Pick out every line in the data below that holds "close".

Input for this task:
>>>

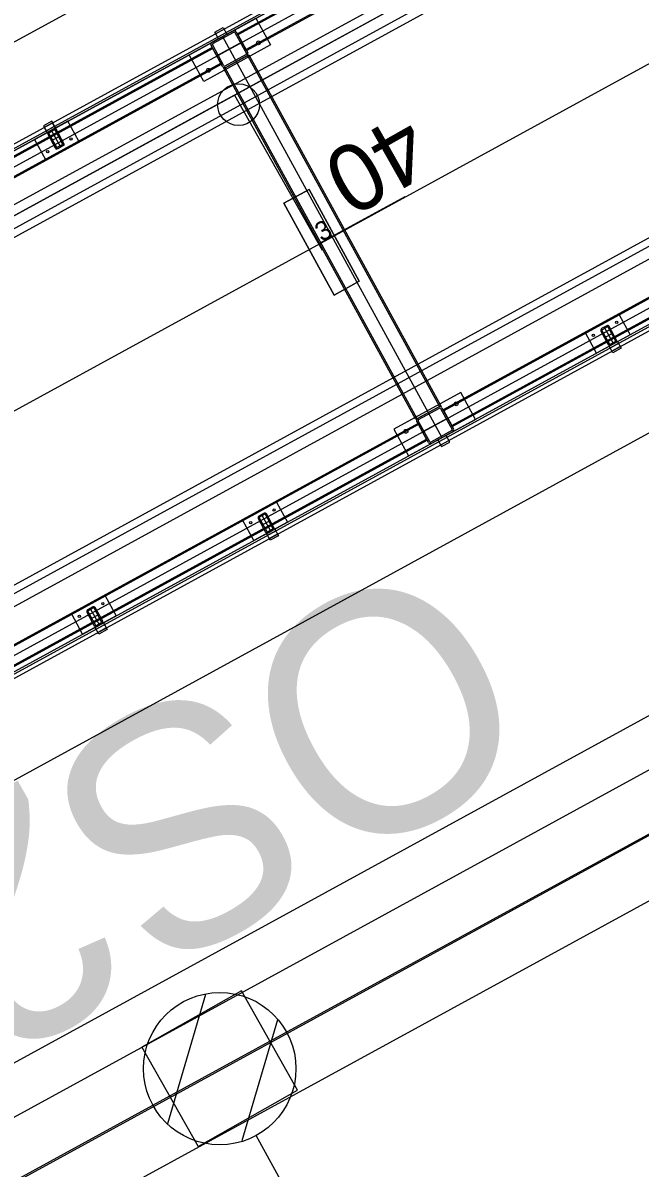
# Model space of a CAD drawing. Extents: x -783978 to -783565, y -1064821 to -1064596.
# Drawn here: x -783767.84 to -783764.6, y -1064687.65 to -1064681.64 of the extents above; entities that cross this region are included whole.
import ezdxf

# ---------------------------------------------------------------- set-up
doc = ezdxf.new("R2010")
doc.units = 0
for name, color, linetype in [('Default', 7, 'Continuous'), ('SO 01_20_01', 7, 'Continuous'), ('SO 01_50_01', 7, 'Continuous'), ('SO 01_74_01', 7, 'Continuous'), ('SO 01_79_02', 7, 'Continuous'), ('SO 01_86_02', 7, 'Continuous'), ('SO 01_86_03', 7, 'Continuous'), ('SO 01_86_04', 7, 'Continuous')]:
    doc.layers.add(name, color=color, linetype=linetype)

# ---------------------------------------------------------------- blocks, each defined once
blk = doc.blocks.new('POINT_DISPLAY')
at = {"layer": 'Default'}
blk.add_line((0, 0), (0, 0), dxfattribs=at)

msp = doc.modelspace()

# ---------------------------------------------------------------- linework, layer by layer
at = {"layer": 'SO 01_20_01'}
for p, q in [((-783735.0054, -1064663.7532), (-783787.4671, -1064692.4555)), ((-783735.2041, -1064664.4318), (-783786.7885, -1064692.6541)), ((-783786.6445, -1064692.9173), (-783735.3233, -1064664.839)), ((-783738.0171, -1064666.3812), (-783786.4402, -1064692.874)), ((-783786.421, -1064692.9091), (-783737.9979, -1064666.4163)), ((-783737.8741, -1064667.2605), (-783785.3352, -1064693.2269)), ((-783737.0912, -1064667.858), (-783785.7805, -1064694.4964)), ((-783785.6531, -1064694.3127), (-783737.23, -1064667.82)), ((-783737.2108, -1064667.855), (-783785.6339, -1064694.3478)), ((-783785.6366, -1064694.7596), (-783736.9472, -1064668.1212)), ((-783746.2961, -1064673.8055), (-783785.8354, -1064695.4379))]:
    msp.add_line(p, q, dxfattribs=at)
at = {"layer": 'SO 01_50_01'}
for p, q in [((-783786.7885, -1064692.6541), (-783725.4827, -1064659.1131)), ((-783769.2428, -1064683.0547), (-783764.8564, -1064680.6549)), ((-783769.2427, -1064683.0548), (-783764.8563, -1064680.655)), ((-783769.2427, -1064683.0548), (-783764.8563, -1064680.655))]:
    msp.add_line(p, q, dxfattribs=at)
for points in [[(-783784.7751, -1064696.3401), (-783745.2333, -1064674.7064)], [(-783784.6553, -1064696.5595), (-783745.1133, -1064674.9257)]]:
    msp.add_lwpolyline(points, dxfattribs=at)
at = {"layer": 'SO 01_74_01'}
for p, q in [((-783735.2185, -1064664.4055), (-783786.6099, -1064692.5222)), ((-783786.6003, -1064692.5398), (-783735.2089, -1064664.423)), ((-783785.4388, -1064694.6628), (-783745.8293, -1064672.9921)), ((-783745.8197, -1064673.0096), (-783785.4292, -1064694.6803)), ((-783764.1469, -1064680.2952), (-783766.713, -1064681.6991)), ((-783764.1439, -1064680.3007), (-783766.71, -1064681.7047)), ((-783766.668, -1064681.7813), (-783764.102, -1064680.3774)), ((-783766.665, -1064681.7869), (-783764.0989, -1064680.383)), ((-783766.8319, -1064681.6901), (-783766.7881, -1064681.6661)), ((-783766.8127, -1064681.7252), (-783766.8319, -1064681.6901)), ((-783766.7881, -1064681.6661), (-783766.7689, -1064681.7012)), ((-783766.7689, -1064681.7012), (-783766.8127, -1064681.7252)), ((-783766.713, -1064681.6991), (-783766.665, -1064681.7869)), ((-783766.71, -1064681.7047), (-783766.668, -1064681.7813)), ((-783766.8446, -1064681.7711), (-783769.4106, -1064683.175)), ((-783766.8416, -1064681.7767), (-783769.4076, -1064683.1806)), ((-783766.7966, -1064681.8589), (-783766.8446, -1064681.7711)), ((-783766.7996, -1064681.8533), (-783766.8416, -1064681.7767)), ((-783766.7846, -1064681.8808), (-783766.653, -1064681.8088)), ((-783766.653, -1064681.8088), (-783765.6451, -1064683.6511)), ((-783769.3657, -1064683.2572), (-783766.7996, -1064681.8533)), ((-783769.3626, -1064683.2628), (-783766.7966, -1064681.8589)), ((-783766.7776, -1064681.877), (-783766.66, -1064681.8126)), ((-783766.66, -1064681.8126), (-783765.6521, -1064683.6549)), ((-783765.7766, -1064683.7231), (-783766.7846, -1064681.8808)), ((-783765.7696, -1064683.7193), (-783766.7776, -1064681.877)), ((-783767.6873, -1064682.1581), (-783767.7311, -1064682.1821)), ((-783767.6825, -1064682.1669), (-783767.7263, -1064682.1909)), ((-783767.6681, -1064682.1932), (-783767.6873, -1064682.1581)), ((-783767.6729, -1064682.1844), (-783767.6825, -1064682.1669)), ((-783767.7311, -1064682.1821), (-783767.7119, -1064682.2172)), ((-783767.7263, -1064682.1909), (-783767.7167, -1064682.2084)), ((-783767.7167, -1064682.2084), (-783767.6729, -1064682.1844)), ((-783767.7119, -1064682.2172), (-783767.6681, -1064682.1932)), ((-783763.067, -1064682.2691), (-783765.6331, -1064683.673)), ((-783763.064, -1064682.2746), (-783765.63, -1064683.6786)), ((-783765.5881, -1064683.7552), (-783763.022, -1064682.3513)), ((-783765.5851, -1064683.7608), (-783763.019, -1064682.3568)), ((-783764.7616, -1064683.3387), (-783764.7177, -1064683.3147)), ((-783764.7177, -1064683.3147), (-783764.6985, -1064683.3498)), ((-783764.7424, -1064683.3738), (-783764.7616, -1064683.3387)), ((-783764.7568, -1064683.3475), (-783764.7129, -1064683.3235)), ((-783764.7472, -1064683.365), (-783764.7568, -1064683.3475)), ((-783764.7033, -1064683.341), (-783764.7472, -1064683.365)), ((-783764.6985, -1064683.3498), (-783764.7424, -1064683.3738)), ((-783764.7129, -1064683.3235), (-783764.7033, -1064683.341)), ((-783765.6451, -1064683.6511), (-783765.7766, -1064683.7231)), ((-783765.6521, -1064683.6549), (-783765.7696, -1064683.7193)), ((-783765.6331, -1064683.673), (-783765.5851, -1064683.7608)), ((-783765.63, -1064683.6786), (-783765.5881, -1064683.7552)), ((-783765.7646, -1064683.745), (-783768.3307, -1064685.1489)), ((-783765.7616, -1064683.7505), (-783768.3277, -1064685.1545)), ((-783765.7167, -1064683.8328), (-783765.7646, -1064683.745)), ((-783765.7197, -1064683.8272), (-783765.7616, -1064683.7505)), ((-783768.2857, -1064685.2311), (-783765.7197, -1064683.8272)), ((-783768.2827, -1064685.2367), (-783765.7167, -1064683.8328)), ((-783765.6169, -1064683.8067), (-783765.6608, -1064683.8307)), ((-783765.6608, -1064683.8307), (-783765.6416, -1064683.8658)), ((-783765.6416, -1064683.8658), (-783765.5977, -1064683.8418)), ((-783765.5977, -1064683.8418), (-783765.6169, -1064683.8067)), ((-783766.56, -1064684.3227), (-783766.5161, -1064684.2987)), ((-783766.5408, -1064684.3577), (-783766.56, -1064684.3227)), ((-783766.5552, -1064684.3314), (-783766.5113, -1064684.3074)), ((-783766.5456, -1064684.349), (-783766.5552, -1064684.3314)), ((-783766.5017, -1064684.325), (-783766.5456, -1064684.349)), ((-783766.4969, -1064684.3337), (-783766.5408, -1064684.3577)), ((-783766.5161, -1064684.2987), (-783766.4969, -1064684.3337)), ((-783766.5113, -1064684.3074), (-783766.5017, -1064684.325)), ((-783767.4592, -1064684.8146), (-783767.4154, -1064684.7906)), ((-783767.44, -1064684.8497), (-783767.4592, -1064684.8146)), ((-783767.4544, -1064684.8234), (-783767.4106, -1064684.7994)), ((-783767.401, -1064684.8169), (-783767.4448, -1064684.8409)), ((-783767.4154, -1064684.7906), (-783767.3962, -1064684.8257)), ((-783767.4106, -1064684.7994), (-783767.401, -1064684.8169)), ((-783767.4448, -1064684.8409), (-783767.4544, -1064684.8234)), ((-783767.3962, -1064684.8257), (-783767.44, -1064684.8497))]:
    msp.add_line(p, q, dxfattribs=at)
for points in [[(-783735.1681, -1064664.4976), (-783787.4762, -1064693.1159)], [(-783734.0882, -1064666.4715), (-783786.3963, -1064695.0898)], [(-783766.8461, -1064681.7434), (-783766.7355, -1064681.683)], [(-783766.8422, -1064681.7505), (-783766.7317, -1064681.69)], [(-783766.7262, -1064681.6916), (-783766.6658, -1064681.8021)], [(-783766.7192, -1064681.6877), (-783766.6588, -1064681.7983)], [(-783766.689, -1064681.743), (-783766.8206, -1064681.815)], [(-783766.7908, -1064681.7132), (-783765.6389, -1064683.8187)], [(-783766.7908, -1064681.7132), (-783766.7188, -1064681.8448)], [(-783766.7903, -1064681.8703), (-783766.8508, -1064681.7597)], [(-783766.7833, -1064681.8664), (-783766.8438, -1064681.7559)], [(-783766.6674, -1064681.8075), (-783766.7779, -1064681.868)], [(-783766.6635, -1064681.8146), (-783766.7741, -1064681.875)], [(-783767.7074, -1064682.2255), (-783767.6685, -1064682.2966)], [(-783767.6764, -1064682.1977), (-783767.7036, -1064682.2126)], [(-783767.7019, -1064682.2224), (-783767.6629, -1064682.2936)], [(-783767.6733, -1064682.2032), (-783767.7006, -1064682.2182)], [(-783767.69, -1064682.2052), (-783767.642, -1064682.2929)], [(-783767.6301, -1064682.2756), (-783767.6691, -1064682.2045)], [(-783767.6246, -1064682.2726), (-783767.6635, -1064682.2015)], [(-783767.6441, -1064682.237), (-783767.6879, -1064682.261)], [(-783767.6587, -1064682.2948), (-783767.6314, -1064682.2799)], [(-783767.6556, -1064682.3004), (-783767.6284, -1064682.2854)], [(-783764.774, -1064683.2315), (-783764.8013, -1064683.2465)], [(-783764.771, -1064683.2371), (-783764.7983, -1064683.252)], [(-783764.7876, -1064683.239), (-783764.7396, -1064683.3267)], [(-783764.7278, -1064683.3094), (-783764.7667, -1064683.2383)], [(-783764.7222, -1064683.3064), (-783764.7612, -1064683.2353)], [(-783764.805, -1064683.2593), (-783764.7661, -1064683.3304)], [(-783764.7995, -1064683.2563), (-783764.7606, -1064683.3274)], [(-783764.7417, -1064683.2709), (-783764.7856, -1064683.2949)], [(-783764.7563, -1064683.3287), (-783764.729, -1064683.3137)], [(-783764.7533, -1064683.3342), (-783764.726, -1064683.3193)], [(-783765.7661, -1064683.7173), (-783765.6556, -1064683.6569)], [(-783765.7623, -1064683.7243), (-783765.6517, -1064683.6639)], [(-783765.6463, -1064683.6655), (-783765.5858, -1064683.776)], [(-783765.6393, -1064683.6616), (-783765.5788, -1064683.7722)], [(-783765.7104, -1064683.8442), (-783765.7709, -1064683.7336)], [(-783765.7034, -1064683.8403), (-783765.7639, -1064683.7298)], [(-783765.6091, -1064683.7169), (-783765.7407, -1064683.7889)], [(-783765.7109, -1064683.6871), (-783765.6389, -1064683.8187)], [(-783765.5874, -1064683.7814), (-783765.698, -1064683.8419)], [(-783765.5836, -1064683.7884), (-783765.6941, -1064683.8489)], [(-783766.5724, -1064684.2155), (-783766.5997, -1064684.2304)], [(-783766.6035, -1064684.2432), (-783766.5645, -1064684.3144)], [(-783766.5979, -1064684.2402), (-783766.559, -1064684.3113)], [(-783766.5694, -1064684.221), (-783766.5967, -1064684.2359)], [(-783766.5861, -1064684.2229), (-783766.5381, -1064684.3107)], [(-783766.5401, -1064684.2548), (-783766.584, -1064684.2788)], [(-783766.5262, -1064684.2934), (-783766.5651, -1064684.2222)], [(-783766.5207, -1064684.2904), (-783766.5596, -1064684.2192)], [(-783766.5547, -1064684.3126), (-783766.5275, -1064684.2977)], [(-783766.5517, -1064684.3181), (-783766.5244, -1064684.3032)], [(-783767.5027, -1064684.7352), (-783767.4638, -1064684.8063)], [(-783767.4716, -1064684.7074), (-783767.4989, -1064684.7224)], [(-783767.4972, -1064684.7322), (-783767.4582, -1064684.8033)], [(-783767.4686, -1064684.713), (-783767.4959, -1064684.7279)], [(-783767.4853, -1064684.7149), (-783767.4373, -1064684.8026)], [(-783767.4394, -1064684.7468), (-783767.4832, -1064684.7708)], [(-783767.4254, -1064684.7854), (-783767.4643, -1064684.7142)], [(-783767.4199, -1064684.7823), (-783767.4588, -1064684.7112)], [(-783767.454, -1064684.8046), (-783767.4267, -1064684.7896)], [(-783767.4509, -1064684.8101), (-783767.4236, -1064684.7952)]]:
    msp.add_lwpolyline(points, dxfattribs=at)
for points in [[(-783766.5385, -1064681.7576), (-783766.8894, -1064681.9496), (-783766.9662, -1064681.8092), (-783766.6153, -1064681.6172)], [(-783767.6023, -1064682.1572), (-783767.7777, -1064682.2532), (-783767.7201, -1064682.3584), (-783767.5447, -1064682.2625)], [(-783767.6681, -1064682.1932), (-783767.7119, -1064682.2172), (-783767.6639, -1064682.3049), (-783767.6201, -1064682.2809)], [(-783764.6519, -1064683.2787), (-783764.8274, -1064683.3747), (-783764.885, -1064683.2694), (-783764.7095, -1064683.1734)], [(-783765.5402, -1064683.5823), (-783765.8911, -1064683.7743), (-783765.8143, -1064683.9147), (-783765.4634, -1064683.7227)], [(-783766.4503, -1064684.2627), (-783766.6258, -1064684.3587), (-783766.6834, -1064684.2534), (-783766.5079, -1064684.1574)], [(-783767.3496, -1064684.7546), (-783767.525, -1064684.8506), (-783767.5826, -1064684.7453), (-783767.4072, -1064684.6494)]]:
    msp.add_lwpolyline(points, close=True, dxfattribs=at)
for centre, radius in [((-783766.6016, -1064681.7465), 0.01), ((-783766.8648, -1064681.8905), 0.01), ((-783767.5854, -1064682.2505), 0.006), ((-783767.7082, -1064682.3177), 0.006), ((-783764.7214, -1064683.2142), 0.006), ((-783764.8442, -1064683.2814), 0.006), ((-783765.5649, -1064683.6414), 0.01), ((-783765.828, -1064683.7854), 0.01), ((-783766.5199, -1064684.1981), 0.006), ((-783766.6427, -1064684.2653), 0.006), ((-783767.4191, -1064684.6901), 0.006), ((-783767.5419, -1064684.7573), 0.006)]:
    msp.add_circle(centre, radius, dxfattribs=at)
for centre, radius, start, end in [((-783766.7298, -1064681.6935), 0.012, 28.68349, 118.68349), ((-783766.7298, -1064681.6935), 0.004, 28.68349, 118.68349), ((-783766.8403, -1064681.754), 0.012, 118.68349, 208.68349), ((-783766.8403, -1064681.754), 0.004, 118.68349, 208.68349), ((-783766.6693, -1064681.804), 0.004, 298.68349, 28.68349), ((-783766.6693, -1064681.804), 0.012, 298.68349, 28.68349), ((-783766.7798, -1064681.8645), 0.012, 208.68349, 298.68349), ((-783766.7798, -1064681.8645), 0.004, 208.68349, 298.68349), ((-783767.6991, -1064682.2209), 0.00945, 118.68349, 208.68349), ((-783767.6991, -1064682.2209), 0.00315, 118.68349, 208.68349), ((-783767.6718, -1064682.206), 0.00945, 28.68349, 118.68349), ((-783767.6718, -1064682.206), 0.00315, 28.68349, 118.68349), ((-783767.6329, -1064682.2771), 0.00315, 298.68349, 28.68349), ((-783767.6329, -1064682.2771), 0.00945, 298.68349, 28.68349), ((-783767.6602, -1064682.2921), 0.00945, 208.68349, 298.68349), ((-783767.6602, -1064682.2921), 0.00315, 208.68349, 298.68349), ((-783764.7967, -1064683.2547), 0.00945, 118.68349, 208.68349), ((-783764.7967, -1064683.2547), 0.00315, 118.68349, 208.68349), ((-783764.7695, -1064683.2398), 0.00945, 28.68349, 118.68349), ((-783764.7695, -1064683.2398), 0.00315, 28.68349, 118.68349), ((-783764.7305, -1064683.311), 0.00315, 298.68349, 28.68349), ((-783764.7305, -1064683.311), 0.00945, 298.68349, 28.68349), ((-783764.7578, -1064683.3259), 0.00945, 208.68349, 298.68349), ((-783764.7578, -1064683.3259), 0.00315, 208.68349, 298.68349), ((-783765.6498, -1064683.6674), 0.012, 28.68349, 118.68349), ((-783765.6498, -1064683.6674), 0.004, 28.68349, 118.68349), ((-783765.7604, -1064683.7279), 0.012, 118.68349, 208.68349), ((-783765.7604, -1064683.7279), 0.004, 118.68349, 208.68349), ((-783765.5893, -1064683.7779), 0.004, 298.68349, 28.68349), ((-783765.5893, -1064683.7779), 0.012, 298.68349, 28.68349), ((-783765.6999, -1064683.8384), 0.012, 208.68349, 298.68349), ((-783765.6999, -1064683.8384), 0.004, 208.68349, 298.68349), ((-783766.5679, -1064684.2238), 0.00945, 28.68349, 118.68349), ((-783766.5952, -1064684.2387), 0.00945, 118.68349, 208.68349), ((-783766.5952, -1064684.2387), 0.00315, 118.68349, 208.68349), ((-783766.5679, -1064684.2238), 0.00315, 28.68349, 118.68349), ((-783766.5563, -1064684.3098), 0.00945, 208.68349, 298.68349), ((-783766.5563, -1064684.3098), 0.00315, 208.68349, 298.68349), ((-783766.529, -1064684.2949), 0.00315, 298.68349, 28.68349), ((-783766.529, -1064684.2949), 0.00945, 298.68349, 28.68349), ((-783767.4944, -1064684.7307), 0.00945, 118.68349, 208.68349), ((-783767.4944, -1064684.7307), 0.00315, 118.68349, 208.68349), ((-783767.4671, -1064684.7157), 0.00945, 28.68349, 118.68349), ((-783767.4671, -1064684.7157), 0.00315, 28.68349, 118.68349), ((-783767.4555, -1064684.8018), 0.00945, 208.68349, 298.68349), ((-783767.4555, -1064684.8018), 0.00315, 208.68349, 298.68349), ((-783767.4282, -1064684.7869), 0.00315, 298.68349, 28.68349), ((-783767.4282, -1064684.7869), 0.00945, 298.68349, 28.68349)]:
    msp.add_arc(centre, radius, start, end, dxfattribs=at)
at = {"layer": 'SO 01_79_02'}
msp.add_lwpolyline([(-783745.0819, -1064674.9774), (-783746.507, -1064675.7571), (-783748.1468, -1064676.6636), (-783749.6912, -1064678.1356), (-783784.2571, -1064697.0125), (-783798.19, -1064704.62), (-783800.06, -1064705.37), (-783802.52, -1064706.72), (-783803.71, -1064707.63), (-783853.11, -1064734.61), (-783855.1, -1064735.3), (-783857.05, -1064736.37), (-783858.65, -1064737.64), (-783871.68, -1064744.75), (-783877.0563, -1064744.607), (-783887.4289, -1064744.0617), (-783898.0887, -1064743.4896), (-783899.4205, -1064743.4179)], dxfattribs=at)
at = {"layer": 'SO 01_86_02'}
for p, q in [((-783766.8804, -1064686.7424), (-783767.0791, -1064687.421)), ((-783766.5028, -1064686.8743), (-783766.6891, -1064687.5109)), ((-783765.8937, -1064688.7981), (-783766.6136, -1064687.4821))]:
    msp.add_line(p, q, dxfattribs=at)
msp.add_lwpolyline([(-783878.1861, -1064744.2753), (-783875.1286, -1064744.3451), (-783874.6948, -1064744.3279), (-783873.2511, -1064744.1567), (-783872.3143, -1064743.9824), (-783871.2185, -1064743.7022), (-783870.5149, -1064743.4863), (-783869.7975, -1064743.2125), (-783869.1775, -1064742.9745), (-783868.7111, -1064742.7654), (-783868.3945, -1064742.6073), (-783868.078, -1064742.4492), (-783860.9748, -1064738.5687), (-783850.6715, -1064732.6113), (-783846.2461, -1064730.1894), (-783839.9469, -1064727.0857), (-783822.4265, -1064717.4271), (-783813.3562, -1064712.518), (-783804.2851, -1064707.6104), (-783794.4737, -1064702.2521), (-783784.6611, -1064696.8962), (-783775.7336, -1064692.0133), (-783766.8056, -1064687.1312), (-783750.6261, -1064678.2817)], dxfattribs=at)
msp.add_lwpolyline([(-783766.9193, -1064687.54), (-783766.3969, -1064687.2449), (-783766.692, -1064686.7225), (-783767.2144, -1064687.0176)], close=True, dxfattribs=at)
msp.add_circle((-783766.8056, -1064687.1312), 0.4, dxfattribs=at)
at = {"layer": 'SO 01_86_03'}
msp.add_lwpolyline([(-783747.0305, -1064676.621), (-783747.6236, -1064677.108), (-783750.7299, -1064678.7824), (-783751.6662, -1064678.8522), (-783782.6812, -1064695.8307), (-783782.8877, -1064696.6917), (-783783.0615, -1064696.8198), (-783783.3595, -1064696.8031), (-783786.8168, -1064690.1799), (-783787.333, -1064689.2371), (-783735.2095, -1064660.6967), (-783724.8208, -1064663.0486), (-783722.5212, -1064661.7932)], dxfattribs=at)
at = {"layer": 'SO 01_86_04'}
for p, q in [((-783766.7272, -1064682.0204), (-783766.267, -1064682.835)), ((-783766.3368, -1064682.5155), (-783766.4684, -1064682.5875)), ((-783766.3368, -1064682.5155), (-783766.4684, -1064682.5875)), ((-783766.4684, -1064682.5875), (-783766.3368, -1064682.5155)), ((-783766.4684, -1064682.5875), (-783766.3368, -1064682.5155)), ((-783766.0729, -1064682.998), (-783766.3368, -1064682.5155)), ((-783766.0729, -1064682.998), (-783766.3368, -1064682.5155)), ((-783766.3368, -1064682.5155), (-783766.0729, -1064682.998)), ((-783766.3368, -1064682.5155), (-783766.0729, -1064682.998)), ((-783766.4684, -1064682.5875), (-783766.2045, -1064683.07)), ((-783766.4684, -1064682.5875), (-783766.2045, -1064683.07)), ((-783766.2045, -1064683.07), (-783766.4684, -1064682.5875)), ((-783766.2045, -1064683.07), (-783766.4684, -1064682.5875)), ((-783766.2707, -1064682.7928), (-783765.832, -1064682.5528)), ((-783766.2045, -1064683.07), (-783766.0729, -1064682.998)), ((-783766.2045, -1064683.07), (-783766.0729, -1064682.998)), ((-783766.0729, -1064682.998), (-783766.2045, -1064683.07)), ((-783766.0729, -1064682.998), (-783766.2045, -1064683.07))]:
    msp.add_line(p, q, dxfattribs=at)
for points in [[(-783738.3222, -1064666.4797), (-783740.5325, -1064667.689), (-783743.1715, -1064669.1328), (-783745.7538, -1064670.5456), (-783748.4385, -1064672.0145), (-783751.0413, -1064673.4385), (-783753.6847, -1064674.8847), (-783756.3281, -1064676.3309), (-783758.9715, -1064677.7772), (-783761.6149, -1064679.2234), (-783764.2583, -1064680.6696), (-783766.9018, -1064682.1159), (-783769.4633, -1064683.5173), (-783772.109, -1064684.9648), (-783774.7882, -1064686.4306), (-783778.1382, -1064688.2722), (-783783.8139, -1064691.3971), (-783785.747, -1064692.4898)], [(-783747.063, -1064670.9765), (-783746.9575, -1064671.1681), (-783786.6893, -1064692.8619), (-783786.185, -1064693.7636)]]:
    msp.add_lwpolyline(points, dxfattribs=at)
msp.add_circle((-783766.7068, -1064682.0705), 0.1097, dxfattribs=at)

# ---------------------------------------------------------------- block references
at = {"layer": 'SO 01_86_04', "xscale": 0.010000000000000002, "yscale": 0.009999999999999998, "rotation": 28.683491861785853}
for p in [(-783766.3368, -1064682.5155), (-783766.3368, -1064682.5155), (-783766.4684, -1064682.5875), (-783766.4684, -1064682.5875), (-783766.0729, -1064682.998), (-783766.0729, -1064682.998), (-783766.2045, -1064683.07), (-783766.2045, -1064683.07)]:
    msp.add_blockref('POINT_DISPLAY', p, dxfattribs=at)

# ---------------------------------------------------------------- texts
at = {"layer": 'SO 01_86_02'}
msp.add_text('OS2', height=1.25, rotation=209.44605, dxfattribs=at).set_placement((-783765.6897, -1064684.3906))
at = {"layer": 'SO 01_86_04'}
for s, height, rotation, p in [('40', 0.351, 209.46001, (-783765.8339, -1064682.1046)), ('3', 0.1, 28.68349, (-783766.2707, -1064682.7928))]:
    msp.add_text(s, height=height, rotation=rotation, dxfattribs=at).set_placement(p)

doc.saveas('drawing.dxf')

<<<

Finished exercise:
    msp.add_lwpolyline(points, close=True, dxfattribs=at)
msp.add_lwpolyline([(-783766.9193, -1064687.54), (-783766.3969, -1064687.2449), (-783766.692, -1064686.7225), (-783767.2144, -1064687.0176)], close=True, dxfattribs=at)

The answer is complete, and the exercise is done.